# Just 1 record, maybe 1 runnerup, your best pick



## paulbest (Apr 18, 2019)

So this topic ties in with the topic *Performance sensitive composers*, where it is asked, which composers required, almost demand a performance which reflects the composers intentions,,anything short, may not be accepatable.
There are 200 + available Beethoven syms sets (maybe another 100 which are not avalaiable on cd/or OOP)...That's a LOT of Beethoven to chose from...I've found Walter/Columbia to be my choice,,among the 4 or 5 I've heard ,But that's neither here nor there with me,,,as all seemed to have merits...I think at the end of my Beethoven days, I also found Carlos Kleiber's to have a strong performance...Everyone here will have their own top 5 Beethoven,,,every list will look very different, = Not performance sensitive. 
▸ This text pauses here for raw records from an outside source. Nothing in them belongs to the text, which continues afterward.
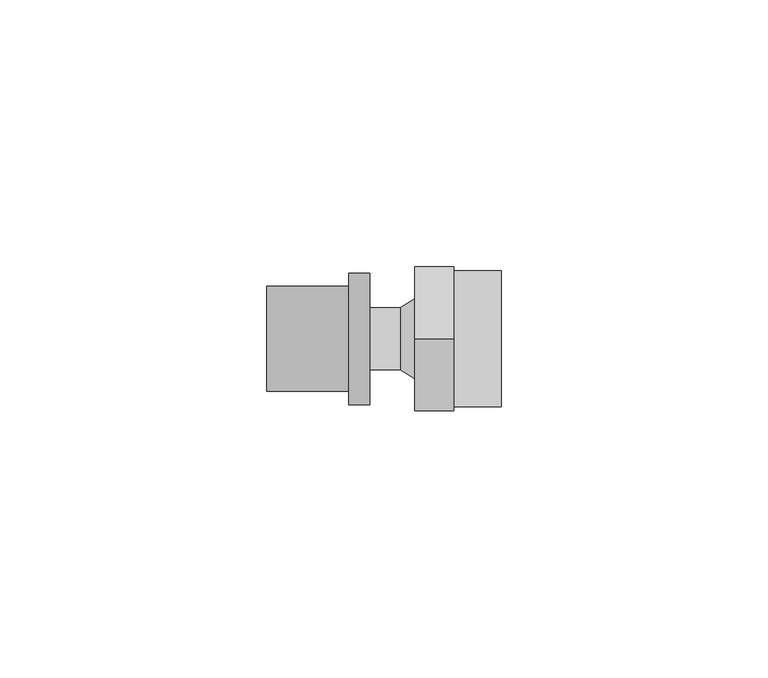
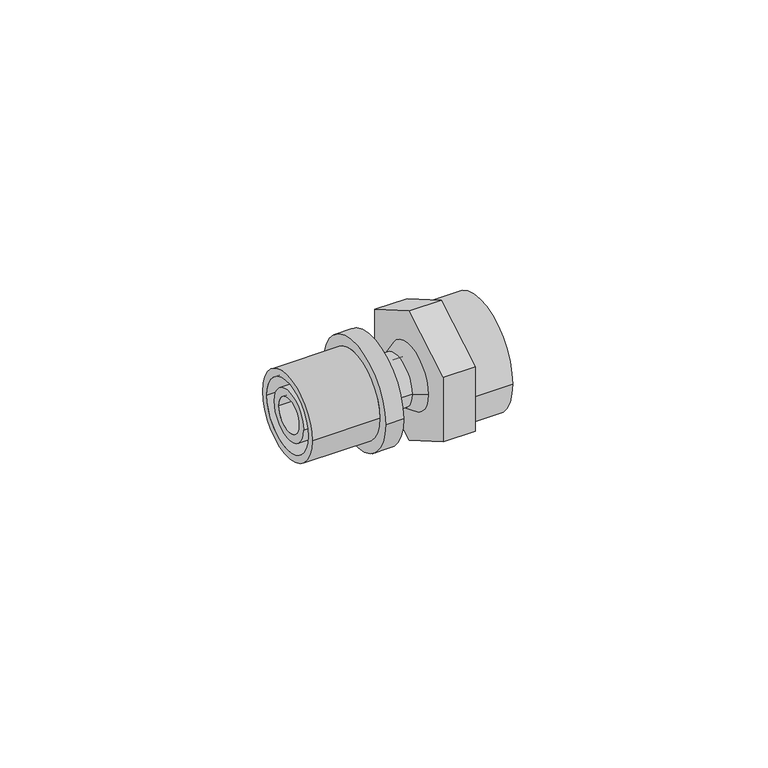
"""IFC4 building model written with IfcOpenShell, lengths in millimetres: pipe fitting geometry, FASTLOC_Adapter_EX+, with internal thread : FSL A internal AT."""

import ifcopenshell
import ifcopenshell.guid

model = None  # the IFC model being written
_history = None  # IfcOwnerHistory: only IFC2X3 demands one
_inside = {}  # id of a spatial element -> (the spatial element, [elements in it])
_under = {}  # id of a project, library or spatial element -> (it, [spatial elements below it])
_declared = {}  # id of a project -> (the project, [libraries it declares])
_typed = {}  # id of a type object -> (the type object, [elements of that type])
_made_of = {}  # id of a material, layer set ... -> (it, [elements and type objects made of it])


def new_model(schema):
    """Start an empty IFC model of exactly this schema.

    Asked for "IFC4X3", IfcOpenShell would pick the latest addendum, in which some entities
    have other attributes; the version numbers below select the first issue.
    IFC2X3 requires an IfcOwnerHistory on every rooted entity: one is made here for all.
    """
    global model, _history
    if schema == "IFC4X3":
        model = ifcopenshell.file(schema_version=(4, 3, 0, 0))
    else:
        model = ifcopenshell.file(schema=schema)
    _inside.clear()
    _under.clear()
    _declared.clear()
    _typed.clear()
    _made_of.clear()
    _history = None
    if model.schema == "IFC2X3":
        org = make("IfcOrganization", Name="unknown")
        user = make(
            "IfcPersonAndOrganization",
            ThePerson=make("IfcPerson", FamilyName="unknown"),
            TheOrganization=org,
        )
        app = make(
            "IfcApplication",
            ApplicationDeveloper=org,
            Version="unknown",
            ApplicationFullName="unknown",
            ApplicationIdentifier="unknown",
        )
        _history = make(
            "IfcOwnerHistory",
            OwningUser=user,
            OwningApplication=app,
            ChangeAction="ADDED",
            CreationDate=0,
        )
    return model


def make(cls, **values):
    """One entity of the class cls with the attributes given. An attribute that is None is left unset."""
    return model.create_entity(
        cls, **{name: value for name, value in values.items() if value is not None}
    )


def rooted(cls, **values):
    """An entity with a GlobalId (a new one), such as an element, a storey or a relation."""
    return make(cls, GlobalId=ifcopenshell.guid.new(), OwnerHistory=_history, **values)


def si_unit(unit_type, name, prefix=None):
    """IfcSIUnit, for example si_unit("LENGTHUNIT", "METRE", prefix="MILLI")."""
    return make("IfcSIUnit", UnitType=unit_type, Prefix=prefix, Name=name)


def assignment(units):
    """IfcUnitAssignment: the units of a project."""
    return None if units is None else make("IfcUnitAssignment", Units=units)


def point(xyz):
    """IfcCartesianPoint."""
    return None if xyz is None else make("IfcCartesianPoint", Coordinates=xyz)


def direction(xyz):
    """IfcDirection."""
    return None if xyz is None else make("IfcDirection", DirectionRatios=xyz)


def frame(location, z_axis=None, x_axis=None):
    """IfcAxis2Placement3D, a coordinate frame: its origin and axes. An axis left out is left unset."""
    return make(
        "IfcAxis2Placement3D",
        Location=point(location),
        Axis=direction(z_axis),
        RefDirection=direction(x_axis),
    )


def frame_2d(location, x_axis=None):
    """IfcAxis2Placement2D, a coordinate frame in the plane: its origin and x axis."""
    return make(
        "IfcAxis2Placement2D", Location=point(location), RefDirection=direction(x_axis)
    )


def origin():
    """The frame at (0, 0, 0) with its axes left unset."""
    return frame((0.0, 0.0, 0.0))


def origin_2d():
    """The frame at (0, 0) in the plane with its x axis left unset."""
    return frame_2d((0.0, 0.0))


def place(relative_to, where):
    """IfcLocalPlacement: puts the frame where relative to a parent placement (None: the world)."""
    return make(
        "IfcLocalPlacement", PlacementRelTo=relative_to, RelativePlacement=where
    )


def context(
    kind, dimensions, precision=None, world=None, true_north=None, identifier=None
):
    """IfcGeometricRepresentationContext, for example the 3D "Model" context."""
    return make(
        "IfcGeometricRepresentationContext",
        ContextIdentifier=identifier,
        ContextType=kind,
        CoordinateSpaceDimension=dimensions,
        Precision=precision,
        WorldCoordinateSystem=world,
        TrueNorth=true_north,
    )


def project(units=None, contexts=None):
    """IfcProject with its units and contexts."""
    return rooted(
        "IfcProject",
        Name="project",
        RepresentationContexts=contexts,
        UnitsInContext=assignment(units),
    )


def spatial(cls, under=None, at=None, **own):
    """A site, building, storey or space (cls), placed at a placement, below another one or the project."""
    s = rooted(cls, ObjectPlacement=at, **own)
    if under is not None:
        _under.setdefault(under.id(), (under, []))[1].append(s)
    return s


def polyline(points):
    """IfcPolyline through the points."""
    return make("IfcPolyline", Points=[point(p) for p in points])


def circle_curve(where, radius):
    """IfcCircle in the frame where."""
    return make("IfcCircle", Position=where, Radius=radius)


def trimmed(basis, trim1, trim2, sense, master):
    """IfcTrimmedCurve: the piece of a basis curve between two trims."""
    return make(
        "IfcTrimmedCurve",
        BasisCurve=basis,
        Trim1=trim1,
        Trim2=trim2,
        SenseAgreement=sense,
        MasterRepresentation=master,
    )


def segment(curve, same_sense, transition):
    """IfcCompositeCurveSegment."""
    return make(
        "IfcCompositeCurveSegment",
        Transition=transition,
        SameSense=same_sense,
        ParentCurve=curve,
    )


def composite_curve(segments, self_intersect=None):
    """IfcCompositeCurve: segments joined end to end."""
    return make("IfcCompositeCurve", Segments=segments, SelfIntersect=self_intersect)


def outline(outer, holes=None, kind="AREA"):
    """IfcArbitraryClosedProfileDef: a profile drawn as a closed curve; with holes, ...WithVoids."""
    if holes is None:
        return make("IfcArbitraryClosedProfileDef", ProfileType=kind, OuterCurve=outer)
    return make(
        "IfcArbitraryProfileDefWithVoids",
        ProfileType=kind,
        OuterCurve=outer,
        InnerCurves=holes,
    )


def extrude(swept, where, along, depth):
    """IfcExtrudedAreaSolid: the profile swept, set in the frame where, extruded along a direction by depth."""
    return make(
        "IfcExtrudedAreaSolid",
        SweptArea=swept,
        Position=where,
        ExtrudedDirection=direction(along),
        Depth=depth,
    )


def shape(context_of_items, identifier, shape_type, items):
    """IfcShapeRepresentation: the items that make up one representation, for example the "Body"."""
    return make(
        "IfcShapeRepresentation",
        ContextOfItems=context_of_items,
        RepresentationIdentifier=identifier,
        RepresentationType=shape_type,
        Items=items,
    )


def source(mapping_origin, context_of_items, identifier, shape_type, items):
    """IfcRepresentationMap: a shape defined once, which mapped items show again and again."""
    return make(
        "IfcRepresentationMap",
        MappingOrigin=mapping_origin,
        MappedRepresentation=shape(context_of_items, identifier, shape_type, items),
    )


def transform(
    local_origin,
    x_axis=None,
    y_axis=None,
    z_axis=None,
    scale=None,
    scale2=None,
    scale3=None,
    uniform=True,
):
    """IfcCartesianTransformationOperator3D, or its non-uniform kind. x_axis, y_axis, z_axis: its Axis1, 2, 3."""
    if uniform:
        return make(
            "IfcCartesianTransformationOperator3D",
            Axis1=direction(x_axis),
            Axis2=direction(y_axis),
            LocalOrigin=point(local_origin),
            Scale=scale,
            Axis3=direction(z_axis),
        )
    return make(
        "IfcCartesianTransformationOperator3DnonUniform",
        Axis1=direction(x_axis),
        Axis2=direction(y_axis),
        LocalOrigin=point(local_origin),
        Scale=scale,
        Axis3=direction(z_axis),
        Scale2=scale2,
        Scale3=scale3,
    )


def mapped(mapping_source, mapping_target):
    """IfcMappedItem: shows the shape of a source again, moved by a transform."""
    return make(
        "IfcMappedItem", MappingSource=mapping_source, MappingTarget=mapping_target
    )


def made_of(thing, what):
    """Note that an element or type object is made of a material, layer set ...; save() writes the relation."""
    if what is not None:
        _made_of.setdefault(what.id(), (what, []))[1].append(thing)
    return thing


def element(
    cls,
    number,
    at=None,
    inside=None,
    cuts=None,
    type_object=None,
    material=None,
    context=None,
    identifier="Body",
    shape_type=None,
    held_by="IfcProductDefinitionShape",
    body=None,
    shapes=None,
    **own,
):
    """One element of the class cls, such as IfcWall. Its Tag is "e" and its number.

    at: its placement. inside: the storey or other place that contains it. cuts: it is an
    opening in that element (IfcRelVoidsElement). A single representation is given by context,
    identifier, shape_type and body (its items); several are given by shapes. held_by: the class
    of the entity that holds the representations. save() writes the other relations.
    """
    e = rooted(cls, Tag="e%d" % number, ObjectPlacement=at, **own)
    if body is not None:
        shapes = [shape(context, identifier, shape_type, body)]
    if shapes is not None:
        e.Representation = make(held_by, Representations=shapes)
    if inside is not None:
        _inside.setdefault(inside.id(), (inside, []))[1].append(e)
    if cuts is not None:
        rooted(
            "IfcRelVoidsElement", RelatingBuildingElement=cuts, RelatedOpeningElement=e
        )
    if type_object is not None:
        _typed.setdefault(type_object.id(), (type_object, []))[1].append(e)
    return made_of(e, material)


def aggregate(whole, parts):
    """IfcRelAggregates: a whole, such as a stair, and the parts it consists of."""
    return rooted("IfcRelAggregates", RelatingObject=whole, RelatedObjects=parts)


def save(model, path):
    """Write the relations noted so far, then the file.

    IfcRelAggregates (storeys below a building ...), IfcRelContainedInSpatialStructure (elements
    in a storey), IfcRelDefinesByType, IfcRelAssociatesMaterial and IfcRelDeclares: one each for
    every whole, place, type object, material and project.
    """
    for whole, parts in _under.values():
        aggregate(whole, parts)
    for where, things in _inside.values():
        rooted(
            "IfcRelContainedInSpatialStructure",
            RelatedElements=things,
            RelatingStructure=where,
        )
    for kind, things in _typed.values():
        rooted("IfcRelDefinesByType", RelatedObjects=things, RelatingType=kind)
    for what, things in _made_of.values():
        rooted("IfcRelAssociatesMaterial", RelatedObjects=things, RelatingMaterial=what)
    for by, libraries in _declared.values():
        rooted("IfcRelDeclares", RelatingContext=by, RelatedDefinitions=libraries)
    model.write(path)


def plane_surface(at):
    """IfcPlane: the flat surface through the origin of the frame at, square to its z axis."""
    return make("IfcPlane", Position=at)


def cylinder_surface(at, radius):
    """IfcCylindricalSurface: all points at the distance radius from the z axis of the frame at."""
    return make("IfcCylindricalSurface", Position=at, Radius=radius)


def revolved_surface(curve, axis_point, axis_direction):
    """IfcSurfaceOfRevolution: the curve turned about the line through axis_point along axis_direction."""
    return make(
        "IfcSurfaceOfRevolution",
        SweptCurve=make("IfcArbitraryOpenProfileDef", ProfileType="CURVE", Curve=curve),
        AxisPosition=make("IfcAxis1Placement", Location=point(axis_point), Axis=direction(axis_direction)),
    )


def advanced_brep(points, edges, surfaces, faces):
    """IfcAdvancedBrep: a solid bounded by faces that lie on surfaces and meet in shared edges.

    An edge is (start, end): straight between two places in points (the first is 0);
    or (start, end, curve); or (start, end, curve, False) where it runs against its curve.
    A face is (place in surfaces, loops), or (place, loops, False) where it looks against
    its surface's normal. A loop lists edges by number (the first is 1), with a minus sign
    where the edge is run from its end to its start. The first loop is the outer one.
    """
    corners = [point(p) for p in points]
    vertices = [make("IfcVertexPoint", VertexGeometry=c) for c in corners]
    made = []
    for start, end, *more in edges:
        made.append(
            make(
                "IfcEdgeCurve",
                EdgeStart=vertices[start],
                EdgeEnd=vertices[end],
                EdgeGeometry=more[0] if more else make("IfcPolyline", Points=[corners[start], corners[end]]),
                SameSense=more[1] if len(more) > 1 else True,
            )
        )
    hull = []
    for where, loops, *sense in faces:
        bounds = []
        for j, loop in enumerate(loops):
            ring = [make("IfcOrientedEdge", EdgeElement=made[abs(k) - 1], Orientation=k > 0) for k in loop]
            bounds.append(
                make(
                    "IfcFaceOuterBound" if j == 0 else "IfcFaceBound",
                    Bound=make("IfcEdgeLoop", EdgeList=ring),
                    Orientation=True,
                )
            )
        hull.append(make("IfcAdvancedFace", Bounds=bounds, FaceSurface=surfaces[where], SameSense=sense[0] if sense else True))
    return make("IfcAdvancedBrep", Outer=make("IfcClosedShell", CfsFaces=hull))


def pipe_fitting_29307240(model_context):
    return source(origin(), model_context, "Body", "SolidModel", [
        advanced_brep(
        [(-12.4, -12.35, 0.0), (-12.4, 12.35, 0.0), (-8.4, 12.35, 0.0), (-8.4, -12.35, 0.0), (-27.7, -9.85, 0.0), (-27.7, 9.85, 0.0), (-12.4, 9.85, 0.0), (-12.4, -9.85, 0.0), (-8.4, -8.15, 0.0), (-8.4, 8.15, 0.0), (-27.7, 8.15, 0.0), (-27.7, -8.15, 0.0)],
        [
            (0, 1, circle_curve(frame((-12.4, 0.0, 0.0), z_axis=(1.0, 0.0, 0.0), x_axis=(0.0, 1.0, 0.0)), 12.35)),
            (1, 2),
            (2, 3, circle_curve(frame((-8.4, 0.0, 0.0), z_axis=(-1.0, 0.0, 0.0), x_axis=(0.0, 1.0, 0.0)), 12.35)),
            (3, 0),
            (4, 5, circle_curve(frame((-27.7, 0.0, 0.0), z_axis=(1.0, 0.0, 0.0), x_axis=(0.0, 1.0, 0.0)), 9.85)),
            (5, 6),
            (6, 7, circle_curve(frame((-12.4, 0.0, 0.0), z_axis=(-1.0, 0.0, 0.0), x_axis=(0.0, 1.0, 0.0)), 9.85)),
            (7, 4),
            (8, 9, circle_curve(frame((-8.4, 0.0, 0.0), z_axis=(1.0, 0.0, 0.0), x_axis=(0.0, 1.0, 0.0)), 8.15)),
            (9, 10),
            (10, 11, circle_curve(frame((-27.7, 0.0, 0.0), z_axis=(-1.0, 0.0, 0.0), x_axis=(0.0, 1.0, 0.0)), 8.15)),
            (11, 8),
            (1, 0, circle_curve(frame((-12.4, 0.0, 0.0), z_axis=(1.0, 0.0, 0.0), x_axis=(0.0, -1.0, 0.0)), 12.35)),
            (3, 2, circle_curve(frame((-8.4, 0.0, 0.0), z_axis=(-1.0, 0.0, 0.0), x_axis=(0.0, -1.0, 0.0)), 12.35)),
            (6, 7, circle_curve(frame((-12.4, 0.0, 0.0), z_axis=(1.0, 0.0, 0.0), x_axis=(0.0, -1.0, 0.0)), 9.85)),
            (5, 4, circle_curve(frame((-27.7, 0.0, 0.0), z_axis=(1.0, 0.0, 0.0), x_axis=(0.0, -1.0, 0.0)), 9.85)),
            (10, 11, circle_curve(frame((-27.7, 0.0, 0.0), z_axis=(1.0, 0.0, 0.0), x_axis=(0.0, -1.0, 0.0)), 8.15)),
            (9, 8, circle_curve(frame((-8.4, 0.0, 0.0), z_axis=(1.0, 0.0, 0.0), x_axis=(0.0, -1.0, 0.0)), 8.15)),
        ],
        [
            cylinder_surface(frame((-8.4, 0.0, 0.0), z_axis=(-1.0, 0.0, 0.0), x_axis=(0.0, 1.0, 0.0)), 12.35),
            cylinder_surface(frame((-8.4, 0.0, 0.0), z_axis=(-1.0, 0.0, 0.0), x_axis=(0.0, 1.0, 0.0)), 9.85),
            revolved_surface(polyline([(-27.699999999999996, 8.15, 0.0), (-8.4, 8.15, 0.0)]), (-8.4, 0.0, 0.0), (-1.0, 0.0, 0.0)),
            cylinder_surface(frame((-8.4, 0.0, 0.0), z_axis=(-1.0, 0.0, 0.0), x_axis=(0.0, -1.0, 0.0)), 12.35),
            plane_surface(frame((-12.4, 0.0, 0.0), z_axis=(-1.0, 0.0, 0.0), x_axis=(0.0, -1.0, 0.0))),
            cylinder_surface(frame((-8.4, 0.0, 0.0), z_axis=(-1.0, 0.0, 0.0), x_axis=(0.0, -1.0, 0.0)), 9.85),
            plane_surface(frame((-27.7, 0.0, 0.0), z_axis=(-1.0, 0.0, 0.0), x_axis=(0.0, -1.0, 0.0))),
            revolved_surface(polyline([(-27.699999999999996, -8.15, 0.0), (-8.4, -8.15, 0.0)]), (-8.4, 0.0, 0.0), (-1.0, 0.0, 0.0)),
            plane_surface(frame((-8.4, 0.0, 0.0), z_axis=(1.0, 0.0, 0.0), x_axis=(0.0, -1.0, 0.0))),
        ],
        [
            (0, [[1, 2, 3, 4]]),
            (1, [[5, 6, 7, 8]]),
            (2, [[9, 10, 11, 12]]),
            (3, [[13, -4, 14, -2]]),
            (4, [[-13, -1], [15, -7]]),
            (5, [[16, -8, -15, -6]]),
            (6, [[-16, -5], [17, -11]]),
            (7, [[18, -12, -17, -10]]),
            (8, [[-14, -3], [-18, -9]]),
        ],
    ),
        advanced_brep(
        [(-12.4, 5.8, 0.0), (-12.4, -5.8, 0.0), (-27.4, -5.8, 0.0), (-27.4, 5.8, 0.0), (-9.7, 7.5, 0.0), (-9.7, -7.5, 0.0), (-12.4, -7.5, 0.0), (-12.4, 7.5, 0.0), (-2.7, 5.8, 0.0), (-2.7, -5.8, 0.0), (-9.7, -5.8, 0.0), (-9.7, 5.8, 0.0), (0.0, 7.5, 0.0), (0.0, -7.5, 0.0), (-27.4, 3.95, 0.0), (-27.4, -3.95, 0.0), (0.0, -3.95, 0.0), (0.0, 3.95, 0.0)],
        [
            (0, 1, circle_curve(frame((-12.4, 0.0, 0.0), z_axis=(-1.0, 0.0, 0.0), x_axis=(0.0, -1.0, 0.0)), 5.8)),
            (1, 2),
            (2, 3, circle_curve(frame((-27.4, 0.0, 0.0), z_axis=(1.0, 0.0, 0.0), x_axis=(0.0, -1.0, 0.0)), 5.8)),
            (3, 0),
            (4, 5, circle_curve(frame((-9.7, 0.0, 0.0), z_axis=(-1.0, 0.0, 0.0), x_axis=(0.0, -1.0, 0.0)), 7.5)),
            (5, 6),
            (6, 7, circle_curve(frame((-12.4, 0.0, 0.0), z_axis=(1.0, 0.0, 0.0), x_axis=(0.0, -1.0, 0.0)), 7.5)),
            (7, 4),
            (8, 9, circle_curve(frame((-2.7, 0.0, 0.0), z_axis=(-1.0, 0.0, 0.0), x_axis=(0.0, -1.0, 0.0)), 5.8)),
            (9, 10),
            (10, 11, circle_curve(frame((-9.7, 0.0, 0.0), z_axis=(1.0, 0.0, 0.0), x_axis=(0.0, -1.0, 0.0)), 5.8)),
            (11, 8),
            (12, 13, circle_curve(frame((0.0, 0.0, 0.0), z_axis=(-1.0, 0.0, 0.0), x_axis=(0.0, -1.0, 0.0)), 7.5)),
            (13, 9),
            (8, 12),
            (14, 15, circle_curve(frame((-27.4, 0.0, 0.0), z_axis=(-1.0, 0.0, 0.0), x_axis=(0.0, -1.0, 0.0)), 3.95)),
            (15, 16),
            (16, 17, circle_curve(frame((0.0, 0.0, 0.0), z_axis=(1.0, 0.0, 0.0), x_axis=(0.0, -1.0, 0.0)), 3.95)),
            (17, 14),
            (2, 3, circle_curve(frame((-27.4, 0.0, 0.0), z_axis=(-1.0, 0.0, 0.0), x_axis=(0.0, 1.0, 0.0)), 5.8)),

In Mozart last 6 sysm. , I've found of all the 50 sets available,,there were 2 that made it to the top of my preferred , Walter/Columbia , Bohm/Berlin,,,all others not really needed. 


In Mozart's PC;s, only remains Uchida/Tate/English,,

In Ravel's PC,,,the only one which I feel is most needed in your collection, is the Zimerman/Boulez/Cleveland,

In the Shostakovich VC,,,although I like Kogan's recordings quite a lot, it is 2 of David Oistrakh's 4 records which I found *must haves*…


In the Sibelius VC,,although Hillary Hahn is playing the concerto all over the world past 5 years and receiving standing ovations,,,I feel Vengerov pretty much owns that work. Even triumphing over my long time fav, David Oistrakh
.

So what is some of your fav works and your pick of a required recording.


----------



## Enthusiast (Mar 5, 2016)

The great works are "open" to numerous - perhaps infinite - interpretations, each of which tells you something new and fresh.


----------



## paulbest (Apr 18, 2019)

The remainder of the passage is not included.